In an appearance on “Democracy Now!” yesterday morning to discuss Umar Farouk Abdulmutallab, I made the point that Abdulmutallab’s ability to board Northwest Airlines Flight 253 demonstrates a policy failure more than an intelligence failure. By that I meant that the threat information acquired on Abdulmutallab was insufficient to ground him, based on the bureaucracy’s process for placing someone on the no-fly list. And for seemingly good reason: the input on him leading to the conclusion that he was dangerous was his father’s Nov. 19 appeal to officials at the U.S. embassy in Abuja.
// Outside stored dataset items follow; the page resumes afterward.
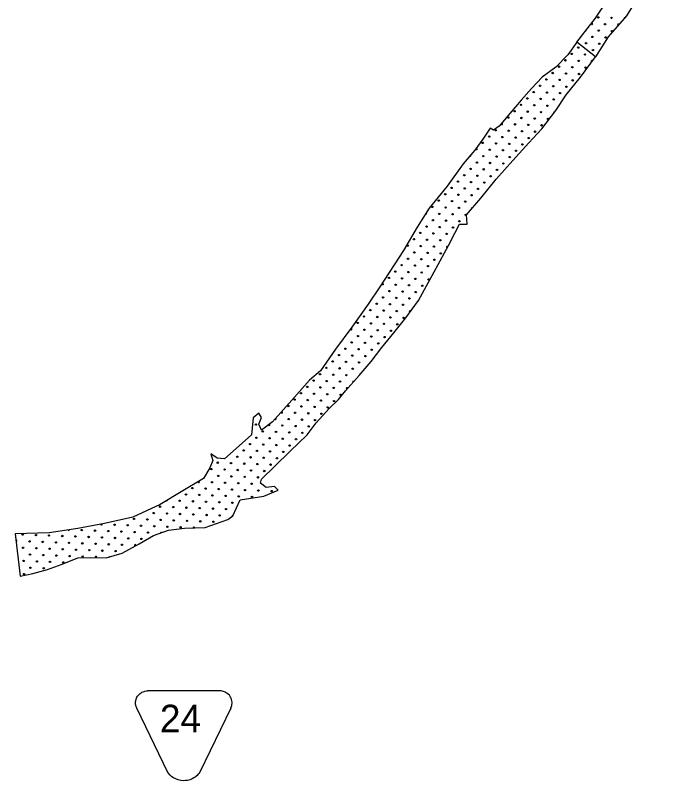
# Model space of a CAD drawing. Extents: x 1612280 to 1883141, y 560852 to 780851.
# Drawn here: x 1754954 to 1765007, y 664051 to 675742 of the extents above; entities that cross this region are included whole.
import ezdxf

# ---------------------------------------------------------------- set-up
doc = ezdxf.new("R2010")
doc.units = 0
for name, color, linetype in [('DESIGN - ROW - Easement Linework and Patterning', 7, 'Continuous'), ('DESIGN - SCRATCH - User 1', 7, 'Continuous'), ('DESIGN - TRAFFIC CONTROL PERMANENT - Pavement Marking Text', 7, 'Continuous')]:
    doc.layers.add(name, color=color, linetype=linetype)

msp = doc.modelspace()

# ---------------------------------------------------------------- linework, layer by layer
at = {"layer": 'DESIGN - ROW - Easement Linework and Patterning'}
for points in [[(1757282, 664177), (1756808, 665158), (1756797, 665185), (1756793, 665203), (1756790, 665221), (1756789, 665236), (1756790, 665254), (1756792, 665270), (1756798, 665294), (1756804, 665311), (1756812, 665327), (1756822, 665343), (1756833, 665357), (1756848, 665373), (1756862, 665385), (1756875, 665394), (1756888, 665402), (1756905, 665409), (1756920, 665415), (1756933, 665418), (1756955, 665422), (1756974, 665423)], [(1757282, 664177), (1756808, 665158), (1756797, 665185), (1756793, 665203), (1756790, 665221), (1756789, 665236), (1756790, 665254), (1756792, 665270), (1756798, 665294), (1756804, 665311), (1756812, 665327), (1756822, 665343), (1756833, 665357), (1756848, 665373), (1756862, 665385), (1756875, 665394), (1756888, 665402), (1756905, 665409), (1756920, 665415), (1756933, 665418), (1756955, 665422), (1756974, 665423)], [(1758245, 665158), (1758251, 665175), (1758259, 665198), (1758262, 665215), (1758263, 665236), (1758263, 665251), (1758261, 665269), (1758255, 665291), (1758249, 665309), (1758242, 665324), (1758233, 665339), (1758222, 665355), (1758209, 665369), (1758190, 665385), (1758176, 665395), (1758162, 665403), (1758147, 665410), (1758131, 665415), (1758111, 665420), (1758097, 665422), (1758078, 665423), (1756974, 665423)], [(1758245, 665158), (1758251, 665175), (1758259, 665198), (1758262, 665215), (1758263, 665236), (1758263, 665251), (1758261, 665269), (1758255, 665291), (1758249, 665309), (1758242, 665324), (1758233, 665339), (1758222, 665355), (1758209, 665369), (1758190, 665385), (1758176, 665395), (1758162, 665403), (1758147, 665410), (1758131, 665415), (1758111, 665420), (1758097, 665422), (1758078, 665423), (1756974, 665423)], [(1758245, 665158), (1757772, 664180), (1757756, 664160), (1757742, 664143), (1757729, 664130), (1757701, 664107), (1757679, 664093), (1757655, 664080), (1757622, 664066), (1757584, 664056), (1757552, 664052), (1757517, 664051), (1757480, 664054), (1757440, 664063), (1757404, 664077), (1757368, 664096), (1757346, 664111), (1757317, 664136), (1757282, 664177)], [(1758245, 665158), (1757772, 664180), (1757756, 664160), (1757742, 664143), (1757729, 664130), (1757701, 664107), (1757679, 664093), (1757655, 664080), (1757622, 664066), (1757584, 664056), (1757552, 664052), (1757517, 664051), (1757480, 664054), (1757440, 664063), (1757404, 664077), (1757368, 664096), (1757346, 664111), (1757317, 664136), (1757282, 664177)]]:
    msp.add_lwpolyline(points, dxfattribs=at)
at = {"layer": 'DESIGN - SCRATCH - User 1'}
for points in [[(1764719, 678692), (1764950, 678754), (1764908, 678607), (1764851, 678499), (1764842, 678329), (1764898, 678122), (1765007, 677825), (1765002, 677697), (1764955, 677391), (1764875, 677216), (1764809, 676938), (1764705, 676631), (1764597, 676296), (1764469, 676032), (1764285, 675731), (1764007, 675415), (1763813, 675109), (1763527, 675329)], [(1764719, 678692), (1764950, 678754), (1764908, 678607), (1764851, 678499), (1764842, 678329), (1764898, 678122), (1765007, 677825), (1765002, 677697), (1764955, 677391), (1764875, 677216), (1764809, 676938), (1764705, 676631), (1764597, 676296), (1764469, 676032), (1764285, 675731), (1764007, 675415), (1763813, 675109), (1763527, 675329)], [(1763527, 675329), (1763650, 675491), (1763815, 675697), (1763925, 675867), (1764045, 676083), (1764146, 676322), (1764274, 676565), (1764370, 676822), (1764503, 677097), (1764567, 677313), (1764577, 677496), (1764540, 677643), (1764471, 677831), (1764453, 677973), (1764379, 678194), (1764242, 678506)], [(1763527, 675329), (1763650, 675491), (1763815, 675697), (1763925, 675867), (1764045, 676083), (1764146, 676322), (1764274, 676565), (1764370, 676822), (1764503, 677097), (1764567, 677313), (1764577, 677496), (1764540, 677643), (1764471, 677831), (1764453, 677973), (1764379, 678194), (1764242, 678506)], [(1763813, 675108), (1763527, 675329), (1763388, 675136), (1763208, 674951), (1762998, 674796), (1762834, 674624), (1762679, 674443), (1762507, 674242), (1762344, 674049), (1762254, 673986)], [(1763813, 675108), (1763527, 675329), (1763388, 675136), (1763208, 674951), (1762998, 674796), (1762834, 674624), (1762679, 674443), (1762507, 674242), (1762344, 674049), (1762254, 673986)], [(1761843, 672693), (1762064, 672951), (1762298, 673241), (1762550, 673522), (1762793, 673795), (1762995, 674009), (1763209, 674290), (1763364, 674529), (1763582, 674798), (1763813, 675108)], [(1761843, 672693), (1762064, 672951), (1762298, 673241), (1762550, 673522), (1762793, 673795), (1762995, 674009), (1763209, 674290), (1763364, 674529), (1763582, 674798), (1763813, 675108)], [(1762254, 673986), (1762204, 674019), (1762095, 673851), (1761969, 673684), (1761793, 673474), (1761550, 673130), (1761273, 672794), (1761088, 672508), (1760879, 672147), (1760518, 671593)], [(1762254, 673986), (1762204, 674019), (1762095, 673851), (1761969, 673684), (1761793, 673474), (1761550, 673130), (1761273, 672794), (1761088, 672508), (1760879, 672147), (1760518, 671593)], [(1761109, 671383), (1761382, 671879), (1761567, 672223), (1761667, 672416), (1761734, 672550), (1761852, 672550), (1761843, 672693)], [(1761109, 671383), (1761382, 671879), (1761567, 672223), (1761667, 672416), (1761734, 672550), (1761852, 672550), (1761843, 672693)], [(1760518, 671593), (1760342, 671329), (1760094, 670976), (1759843, 670641), (1759612, 670313), (1759444, 670166), (1759218, 669910), (1758882, 669533), (1758714, 669407), (1758672, 669495), (1758714, 669596), (1758672, 669663), (1758588, 669591), (1758559, 669331), (1758328, 669125), (1758148, 668966), (1758035, 668979), (1757939, 669044)], [(1760518, 671593), (1760342, 671329), (1760094, 670976), (1759843, 670641), (1759612, 670313), (1759444, 670166), (1759218, 669910), (1758882, 669533), (1758714, 669407), (1758672, 669495), (1758714, 669596), (1758672, 669663), (1758588, 669591), (1758559, 669331), (1758328, 669125), (1758148, 668966), (1758035, 668979), (1757939, 669044)], [(1758714, 668654), (1758916, 668853), (1759150, 669083), (1759411, 669335), (1759549, 669516), (1759746, 669734), (1759889, 669873), (1759994, 670007), (1760203, 670242), (1760388, 670452), (1760551, 670666), (1760732, 670892), (1760916, 671119), (1761109, 671383)], [(1758714, 668654), (1758916, 668853), (1759150, 669083), (1759411, 669335), (1759549, 669516), (1759746, 669734), (1759889, 669873), (1759994, 670007), (1760203, 670242), (1760388, 670452), (1760551, 670666), (1760732, 670892), (1760916, 671119), (1761109, 671383)], [(1757939, 669044), (1757970, 668940), (1757924, 668831), (1757825, 668669), (1757487, 668461), (1757164, 668269), (1756748, 668076), (1756317, 667977), (1755911, 667904), (1755469, 667837), (1754954, 667821)], [(1757939, 669044), (1757970, 668940), (1757924, 668831), (1757825, 668669), (1757487, 668461), (1757164, 668269), (1756748, 668076), (1756317, 667977), (1755911, 667904), (1755469, 667837), (1754954, 667821)], [(1754954, 667821), (1755027, 667176), (1755224, 667217), (1755443, 667275), (1755667, 667358), (1755911, 667457), (1756109, 667462), (1756343, 667457), (1756587, 667524), (1756847, 667670), (1757066, 667795), (1757294, 667878), (1757539, 667910), (1757851, 667920), (1758199, 668040), (1758277, 668097), (1758387, 668341), (1758751, 668399), (1758969, 668487), (1758912, 668544), (1758782, 668529), (1758699, 668596), (1758714, 668654)], [(1754954, 667821), (1755027, 667176), (1755224, 667217), (1755443, 667275), (1755667, 667358), (1755911, 667457), (1756109, 667462), (1756343, 667457), (1756587, 667524), (1756847, 667670), (1757066, 667795), (1757294, 667878), (1757539, 667910), (1757851, 667920), (1758199, 668040), (1758277, 668097), (1758387, 668341), (1758751, 668399), (1758969, 668487), (1758912, 668544), (1758782, 668529), (1758699, 668596), (1758714, 668654)]]:
    msp.add_lwpolyline(points, dxfattribs=at)
for centre in [(1762190, 673889), (1762190, 673889), (1762391, 673881), (1762391, 673881)]:
    msp.add_circle(centre, 10.6, dxfattribs=at)
at = {"layer": 'DESIGN - TRAFFIC CONTROL PERMANENT - Pavement Marking Text'}
for centre in [(1763855, 675710), (1763855, 675710), (1763960, 675605), (1763960, 675605), (1764057, 675702), (1764057, 675702), (1763863, 675508), (1763863, 675508), (1764064, 675501), (1764064, 675501), (1763766, 675411), (1763766, 675411), (1763967, 675404), (1763967, 675404), (1763669, 675314), (1763669, 675314), (1763870, 675307), (1763870, 675307), (1763451, 675151), (1763451, 675151), (1763549, 675248), (1763549, 675248), (1763653, 675143), (1763653, 675143), (1763773, 675210), (1763773, 675210), (1763354, 675054), (1763354, 675054), (1763556, 675046), (1763556, 675046), (1763257, 674957), (1763257, 674957), (1763459, 674949), (1763459, 674949), (1763661, 674942), (1763661, 674942), (1763160, 674860), (1763160, 674860), (1763362, 674852), (1763362, 674852), (1763563, 674845), (1763563, 674845), (1763063, 674762), (1763063, 674762), (1763265, 674755), (1763265, 674755), (1763466, 674748), (1763466, 674748), (1762869, 674568), (1762869, 674568), (1762966, 674665), (1762966, 674665), (1763071, 674561), (1763071, 674561), (1763168, 674658), (1763168, 674658), (1763272, 674553), (1763272, 674553), (1763369, 674650), (1763369, 674650), (1762772, 674471), (1762772, 674471), (1762974, 674464), (1762974, 674464), (1763175, 674456), (1763175, 674456), (1762675, 674374), (1762675, 674374), (1762877, 674367), (1762877, 674367), (1763078, 674359), (1763078, 674359), (1762578, 674277), (1762578, 674277), (1762779, 674270), (1762779, 674270), (1762981, 674262), (1762981, 674262), (1762481, 674180), (1762481, 674180), (1762682, 674173), (1762682, 674173), (1762884, 674165), (1762884, 674165), (1763086, 674158), (1763086, 674158), (1762287, 673986), (1762287, 673986), (1762488, 673978), (1762488, 673978), (1762585, 674076), (1762585, 674076), (1762690, 673971), (1762690, 673971), (1762787, 674068), (1762787, 674068), (1762989, 674061), (1762989, 674061), (1762593, 673874), (1762593, 673874), (1762794, 673866), (1762794, 673866), (1762891, 673964), (1762891, 673964), (1762092, 673792), (1762092, 673792), (1762294, 673784), (1762294, 673784), (1762496, 673777), (1762496, 673777), (1762697, 673769), (1762697, 673769), (1761995, 673695), (1761995, 673695), (1762197, 673687), (1762197, 673687), (1762399, 673680), (1762399, 673680), (1762600, 673672), (1762600, 673672), (1762100, 673590), (1762100, 673590), (1762302, 673583), (1762302, 673583), (1762503, 673575), (1762503, 673575), (1761906, 673396), (1761906, 673396), (1762003, 673493), (1762003, 673493), (1762107, 673389), (1762107, 673389), (1762204, 673486), (1762204, 673486), (1762406, 673478), (1762406, 673478), (1761809, 673299), (1761809, 673299), (1762010, 673291), (1762010, 673291), (1762212, 673284), (1762212, 673284), (1762309, 673381), (1762309, 673381), (1761712, 673202), (1761712, 673202), (1761913, 673194), (1761913, 673194), (1762115, 673187), (1762115, 673187), (1761615, 673105), (1761615, 673105), (1761816, 673097), (1761816, 673097), (1762018, 673090), (1762018, 673090), (1761518, 673008), (1761518, 673008), (1761719, 673000), (1761719, 673000), (1761921, 672993), (1761921, 672993), (1761323, 672814), (1761323, 672814), (1761420, 672911), (1761420, 672911), (1761525, 672806), (1761525, 672806), (1761622, 672903), (1761622, 672903), (1761727, 672799), (1761727, 672799), (1761824, 672896), (1761824, 672896), (1761428, 672709), (1761428, 672709), (1761630, 672702), (1761630, 672702), (1761831, 672694), (1761831, 672694), (1761331, 672612), (1761331, 672612), (1761532, 672605), (1761532, 672605), (1761734, 672597), (1761734, 672597), (1761234, 672515), (1761234, 672515), (1761435, 672507), (1761435, 672507), (1761637, 672500), (1761637, 672500), (1761137, 672418), (1761137, 672418), (1761338, 672410), (1761338, 672410), (1761540, 672403), (1761540, 672403), (1760943, 672224), (1760943, 672224), (1761040, 672321), (1761040, 672321), (1761144, 672216), (1761144, 672216), (1761241, 672313), (1761241, 672313), (1761443, 672306), (1761443, 672306), (1761047, 672119), (1761047, 672119), (1761249, 672112), (1761249, 672112), (1761346, 672209), (1761346, 672209), (1761450, 672104), (1761450, 672104), (1760950, 672022), (1760950, 672022), (1761152, 672015), (1761152, 672015), (1761353, 672007), (1761353, 672007), (1760853, 671925), (1760853, 671925), (1761055, 671918), (1761055, 671918), (1761256, 671910), (1761256, 671910), (1760756, 671828), (1760756, 671828), (1760957, 671820), (1760957, 671820), (1761159, 671813), (1761159, 671813), (1760562, 671634), (1760562, 671634), (1760659, 671731), (1760659, 671731), (1760860, 671723), (1760860, 671723), (1761062, 671716), (1761062, 671716), (1761264, 671708), (1761264, 671708), (1760666, 671529), (1760666, 671529), (1760763, 671626), (1760763, 671626), (1760868, 671522), (1760868, 671522), (1760965, 671619), (1760965, 671619), (1761069, 671514), (1761069, 671514), (1761167, 671611), (1761167, 671611), (1760569, 671432), (1760569, 671432), (1760771, 671425), (1760771, 671425), (1760972, 671417), (1760972, 671417), (1760472, 671335), (1760472, 671335), (1760674, 671328), (1760674, 671328), (1760875, 671320), (1760875, 671320), (1760375, 671238), (1760375, 671238), (1760577, 671231), (1760577, 671231), (1760778, 671223), (1760778, 671223), (1760181, 671044), (1760181, 671044), (1760278, 671141), (1760278, 671141), (1760480, 671133), (1760480, 671133), (1760681, 671126), (1760681, 671126), (1760883, 671119), (1760883, 671119), (1760285, 670939), (1760285, 670939), (1760383, 671036), (1760383, 671036), (1760487, 670932), (1760487, 670932), (1760584, 671029), (1760584, 671029), (1760786, 671021), (1760786, 671021), (1760188, 670842), (1760188, 670842), (1760390, 670835), (1760390, 670835), (1760592, 670827), (1760592, 670827), (1760689, 670924), (1760689, 670924), (1760091, 670745), (1760091, 670745), (1760293, 670738), (1760293, 670738), (1760495, 670730), (1760495, 670730), (1759994, 670648), (1759994, 670648), (1760196, 670641), (1760196, 670641), (1760397, 670633), (1760397, 670633), (1759897, 670551), (1759897, 670551), (1760099, 670544), (1760099, 670544), (1760300, 670536), (1760300, 670536), (1759703, 670357), (1759703, 670357), (1759800, 670454), (1759800, 670454), (1759905, 670349), (1759905, 670349), (1760002, 670447), (1760002, 670447), (1760203, 670439), (1760203, 670439), (1759606, 670260), (1759606, 670260), (1759808, 670252), (1759808, 670252), (1760009, 670245), (1760009, 670245), (1760106, 670342), (1760106, 670342), (1759509, 670163), (1759509, 670163), (1759710, 670155), (1759710, 670155), (1759912, 670148), (1759912, 670148), (1759412, 670066), (1759412, 670066), (1759613, 670058), (1759613, 670058), (1759815, 670051), (1759815, 670051), (1759315, 669969), (1759315, 669969), (1759516, 669961), (1759516, 669961), (1759718, 669954), (1759718, 669954), (1759920, 669946), (1759920, 669946), (1759121, 669774), (1759121, 669774), (1759218, 669872), (1759218, 669872), (1759322, 669767), (1759322, 669767), (1759419, 669864), (1759419, 669864), (1759524, 669760), (1759524, 669760), (1759621, 669857), (1759621, 669857), (1759822, 669849), (1759822, 669849), (1759225, 669670), (1759225, 669670), (1759427, 669662), (1759427, 669662), (1759628, 669655), (1759628, 669655), (1759725, 669752), (1759725, 669752), (1759128, 669573), (1759128, 669573), (1759330, 669565), (1759330, 669565), (1759531, 669558), (1759531, 669558), (1758628, 669491), (1758628, 669491), (1759031, 669476), (1759031, 669476), (1759233, 669468), (1759233, 669468), (1759434, 669461), (1759434, 669461), (1758732, 669386), (1758732, 669386), (1758934, 669379), (1758934, 669379), (1759136, 669371), (1759136, 669371), (1759337, 669364), (1759337, 669364), (1758538, 669192), (1758538, 669192), (1758635, 669289), (1758635, 669289), (1758740, 669185), (1758740, 669185), (1758837, 669282), (1758837, 669282), (1758941, 669177), (1758941, 669177), (1759038, 669274), (1759038, 669274), (1759240, 669267), (1759240, 669267), (1758441, 669095), (1758441, 669095), (1758643, 669088), (1758643, 669088), (1758844, 669080), (1758844, 669080), (1759046, 669073), (1759046, 669073), (1759143, 669170), (1759143, 669170), (1758344, 668998), (1758344, 668998), (1758546, 668990), (1758546, 668990), (1758747, 668983), (1758747, 668983), (1758949, 668976), (1758949, 668976), (1758045, 668908), (1758045, 668908), (1758247, 668901), (1758247, 668901), (1758449, 668893), (1758449, 668893), (1758650, 668886), (1758650, 668886), (1758852, 668878), (1758852, 668878), (1757948, 668811), (1757948, 668811), (1758053, 668707), (1758053, 668707), (1758150, 668804), (1758150, 668804), (1758351, 668796), (1758351, 668796), (1758553, 668789), (1758553, 668789), (1758755, 668781), (1758755, 668781), (1757956, 668610), (1757956, 668610), (1758157, 668602), (1758157, 668602), (1758254, 668699), (1758254, 668699), (1758359, 668595), (1758359, 668595), (1758456, 668692), (1758456, 668692), (1758658, 668684), (1758658, 668684), (1757657, 668520), (1757657, 668520), (1757859, 668513), (1757859, 668513), (1758060, 668505), (1758060, 668505), (1758262, 668498), (1758262, 668498), (1758463, 668490), (1758463, 668490), (1758561, 668587), (1758561, 668587), (1758665, 668483), (1758665, 668483), (1758867, 668475), (1758867, 668475), (1757560, 668423), (1757560, 668423), (1757762, 668415), (1757762, 668415), (1757963, 668408), (1757963, 668408), (1758165, 668401), (1758165, 668401), (1758366, 668393), (1758366, 668393), (1758568, 668386), (1758568, 668386), (1757463, 668326), (1757463, 668326), (1757665, 668318), (1757665, 668318), (1757866, 668311), (1757866, 668311), (1758068, 668303), (1758068, 668303), (1758269, 668296), (1758269, 668296), (1757067, 668139), (1757067, 668139), (1757164, 668236), (1757164, 668236), (1757269, 668132), (1757269, 668132), (1757366, 668229), (1757366, 668229), (1757470, 668124), (1757470, 668124), (1757567, 668221), (1757567, 668221), (1757769, 668214), (1757769, 668214), (1757971, 668206), (1757971, 668206), (1758172, 668199), (1758172, 668199), (1756768, 668050), (1756768, 668050), (1756970, 668042), (1756970, 668042), (1757172, 668035), (1757172, 668035), (1757373, 668027), (1757373, 668027), (1757575, 668020), (1757575, 668020), (1757672, 668117), (1757672, 668117), (1757777, 668012), (1757777, 668012), (1757874, 668109), (1757874, 668109), (1757978, 668005), (1757978, 668005), (1758075, 668102), (1758075, 668102), (1756470, 667960), (1756470, 667960), (1756671, 667953), (1756671, 667953), (1756873, 667945), (1756873, 667945), (1757075, 667938), (1757075, 667938), (1757276, 667930), (1757276, 667930), (1757478, 667923), (1757478, 667923), (1755066, 667811), (1755066, 667811), (1755268, 667803), (1755268, 667803), (1755469, 667796), (1755469, 667796), (1755671, 667788), (1755671, 667788), (1755872, 667781), (1755872, 667781), (1755969, 667878), (1755969, 667878), (1756074, 667773), (1756074, 667773), (1756171, 667870), (1756171, 667870), (1756373, 667863), (1756373, 667863), (1756574, 667855), (1756574, 667855), (1756776, 667848), (1756776, 667848), (1756978, 667841), (1756978, 667841), (1755171, 667706), (1755171, 667706), (1755372, 667699), (1755372, 667699), (1755574, 667691), (1755574, 667691), (1755775, 667684), (1755775, 667684), (1755977, 667676), (1755977, 667676), (1756179, 667669), (1756179, 667669), (1756276, 667766), (1756276, 667766), (1756380, 667661), (1756380, 667661), (1756477, 667758), (1756477, 667758), (1756582, 667654), (1756582, 667654), (1756679, 667751), (1756679, 667751), (1756880, 667743), (1756880, 667743), (1755073, 667609), (1755073, 667609), (1755275, 667602), (1755275, 667602), (1755477, 667594), (1755477, 667594), (1755678, 667587), (1755678, 667587), (1755880, 667579), (1755880, 667579), (1756082, 667572), (1756082, 667572), (1756283, 667564), (1756283, 667564), (1756485, 667557), (1756485, 667557), (1755178, 667505), (1755178, 667505), (1755380, 667497), (1755380, 667497), (1755581, 667490), (1755581, 667490), (1755783, 667482), (1755783, 667482), (1755984, 667475), (1755984, 667475), (1755081, 667407), (1755081, 667407), (1755185, 667303), (1755185, 667303), (1755283, 667400), (1755283, 667400), (1755484, 667393), (1755484, 667393), (1755686, 667385), (1755686, 667385), (1755088, 667206), (1755088, 667206), (1755387, 667295), (1755387, 667295)]:
    msp.add_circle(centre, 10.6, dxfattribs=at)
for centre, start, end in [((1763758, 675613), 179.946, 102.7702), ((1764259, 675695), 66.8974, 210.406), ((1763661, 675516), 272.5052, 10.2109), ((1764161, 675598), 17.6612, 259.6422), ((1763758, 675039), 39.1996, 247.5936), ((1763183, 674255), 56.5647, 228.9154), ((1762384, 674083), 175.9294, 103.5224), ((1761898, 673598), 224.6646, 55.3118), ((1761226, 672717), 221.7024, 72.5193), ((1761928, 672791), 54.1061, 224.9575), ((1761547, 672201), 22.9132, 280.6833), ((1760980, 671216), 21.8273, 265.9372), ((1760084, 670947), 170.3707, 115.9267), ((1759987, 670850), 305.591, 340.7064), ((1760211, 670237), 102.5299, 174.5064), ((1760114, 670140), 52.1345, 224.3819), ((1760017, 670043), 6.0939, 270.4225), ((1759024, 669677), 163.6865, 113.0825), ((1758926, 669580), 220.5333, 56.2357), ((1758829, 669483), 169.3963, 84.3809), ((1757941, 669013), 331.8912, 61.4908), ((1757851, 668714), 243.9011, 53.1214), ((1757754, 668617), 167.52, 75.7296), ((1757261, 668333), 244.9346, 356.7514), ((1758277, 668094), 68.7552, 207.2474), ((1756268, 667967), 184.9673, 15.3969), ((1757679, 667915), 356.4201, 187.4006), ((1755768, 667885), 204.6802, 352.7215), ((1757179, 667833), 36.965, 183.026), ((1754969, 667714), 261.4625, 111.4119), ((1756783, 667646), 307.3518, 291.1779), ((1756186, 667467), 317.503, 219.9512), ((1756388, 667460), 75.4043, 135.5365)]:
    msp.add_arc(centre, 10.6, start, end, dxfattribs=at)

# ---------------------------------------------------------------- texts
at = {"layer": 'DESIGN - ROW - Easement Linework and Patterning'}
msp.add_text('24', height=422.4, rotation=0.0012, dxfattribs=at).set_placement((1757162, 664789))
msp.add_text('24', height=422.4, rotation=0.0012, dxfattribs=at).set_placement((1757162, 664789))

doc.saveas('drawing.dxf')

As investigation into the case continues, there’s some new information that complicates that picture. First, the CIA, after hearing his father’s concern, compiled a profile of Abdulmutallab consisting of non-specific information, but apparently declined to share it with the National Counterterrorism Center. And the National Security Agency picked up communications from al-Qaeda’s Yemeni affiliate indicating that the group was looking to use a “Nigerian” in an unspecified terrorist attack, according to The New York Times. That also didn’t go to the NCTC.

New information may surface. But based on this, is it really fair to point the finger at the intelligence community here? Abdulmutallab’s father told embassy officials in Abuja that he didn’t know where his son was, but might be in Yemen. The CIA had that information. NSA has information that a Nigerian might be used for an attack sponsored by al-Qaeda in the Arabian Peninsula. If all of this had gone into the NCTC, would someone have put two and two together — setting off the process for pulling Abdulmutallab’s visa or putting him on the no-fly? Maybe. And the rationale for the all-source, multi-agency NCTC is all about intelligence sharing. But remember: the inputs are that the guy’s dad says he’s dangerous; he’s Nigerian; he might be in Yemen; and al-Qaeda in Yemen may be looking to use a Nigerian in a forthcoming attack. Is that really enough?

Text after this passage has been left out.